We propose a novel algorithmic method for constructing invariant variational schemes of systems of ordinary differential equations that are the Euler-Lagrange equations of a variational principle. The method is based on the invariantization of standard, non-invariant discrete Lagrangian functionals using equivariant moving frames. The invariant variational schemes are given by the Euler-Lagrange equations of the corresponding invariantized discrete Lagrangian functionals.

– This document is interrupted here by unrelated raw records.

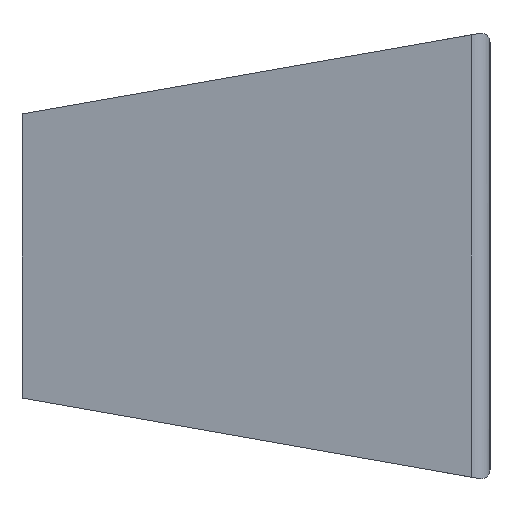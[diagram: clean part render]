
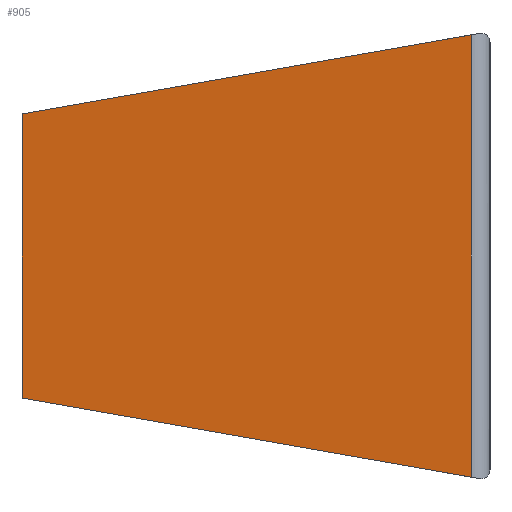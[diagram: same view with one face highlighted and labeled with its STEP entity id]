
A CAD part, left-side view. The second image highlights one B-rep face of the part: STEP entity #905.
In plain terms, the highlighted planar face has unit normal (-0.99, 0.139, 0).
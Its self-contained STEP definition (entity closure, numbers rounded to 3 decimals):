
#473 = VERTEX_POINT( '', #1314 );
#505 = EDGE_CURVE( '', #1055, #1133, #1348, .T. );
#555 = EDGE_CURVE( '', #1113, #473, #1401, .T. );
#905 = ADVANCED_FACE( '', ( #1794 ), #1795, .T. );
#979 = EDGE_CURVE( '', #1113, #1055, #1875, .T. );
#1019 = EDGE_CURVE( '', #1133, #473, #1919, .T. );
#1055 = VERTEX_POINT( '', #1958 );
#1113 = VERTEX_POINT( '', #2022 );
#1133 = VERTEX_POINT( '', #2043 );
#1314 = CARTESIAN_POINT( '', ( -7.363, -24., -11.817 ) );
#1348 = LINE( '', #2292, #2293 );
#1401 = LINE( '', #2369, #2370 );
#1794 = FACE_OUTER_BOUND( '', #2918, .T. );
#1795 = PLANE( '', #2919 );
#1875 = LINE( '', #3041, #3042 );
#1919 = LINE( '', #3100, #3101 );
#1958 = CARTESIAN_POINT( '', ( -4., 0., 7.59 ) );
#2022 = CARTESIAN_POINT( '', ( -7.363, -24., 11.817 ) );
#2043 = CARTESIAN_POINT( '', ( -4., 0., -7.59 ) );
#2292 = CARTESIAN_POINT( '', ( -4., 0., 12.5 ) );
#2293 = VECTOR( '', #3537, 1. );
#2369 = CARTESIAN_POINT( '', ( -7.363, -24., 12.5 ) );
#2370 = VECTOR( '', #3581, 1. );
#2918 = EDGE_LOOP( '', ( #4082, #4083, #4084, #4085 ) );
#2919 = AXIS2_PLACEMENT_3D( '', #4086, #4087, #4088 );
#3041 = CARTESIAN_POINT( '', ( -3.705, 2.105, 7.219 ) );
#3042 = VECTOR( '', #4160, 1. );
#3100 = CARTESIAN_POINT( '', ( -1.727, 16.221, -4.733 ) );
#3101 = VECTOR( '', #4212, 1. );
#3537 = DIRECTION( '', ( 0., 0., -1. ) );
#3581 = DIRECTION( '', ( 0., 0., -1. ) );
#4082 = ORIENTED_EDGE( '', *, *, #979, .T. );
#4083 = ORIENTED_EDGE( '', *, *, #505, .T. );
#4084 = ORIENTED_EDGE( '', *, *, #1019, .T. );
#4085 = ORIENTED_EDGE( '', *, *, #555, .F. );
#4086 = CARTESIAN_POINT( '', ( -4., 0., 12.5 ) );
#4087 = DIRECTION( '', ( -0.99, 0.139, 0. ) );
#4088 = DIRECTION( '', ( 0.139, 0.99, 0. ) );
#4160 = DIRECTION( '', ( 0.137, 0.976, -0.172 ) );
#4212 = DIRECTION( '', ( -0.137, -0.976, -0.172 ) );

We showcase this general method by constructing invariant variational schemes of ordinary differential equations that preserve variational and divergence symmetries of the associated continuous Lagrangians. Noether's theorem automatically implies that the resulting schemes are exactly conservative. Numerical simulations are carried out and show that these invariant variational schemes outperform standard numerical discretizations.

翻译：我们提出一种新的算法方法,用于构建普通差异方程式的无变式变换办法,即变式原则的Euler-Lagrange方程式。该方法基于使用等式移动框架的标准、非异离性Lagrangian功能的变换,由相应的变异离性Lagrangian函数的Euler-Lagrange方程式提供。我们通过构建普通差异方程式的变换办法展示了这一通用方法,这些变异办法维护了连续连续的Lagrangians的变异和差异对称。Noether的理论自动意味着由此产生的方案非常保守。进行了数值模拟,并表明这些变异性变异方案超越了标准数字离异化。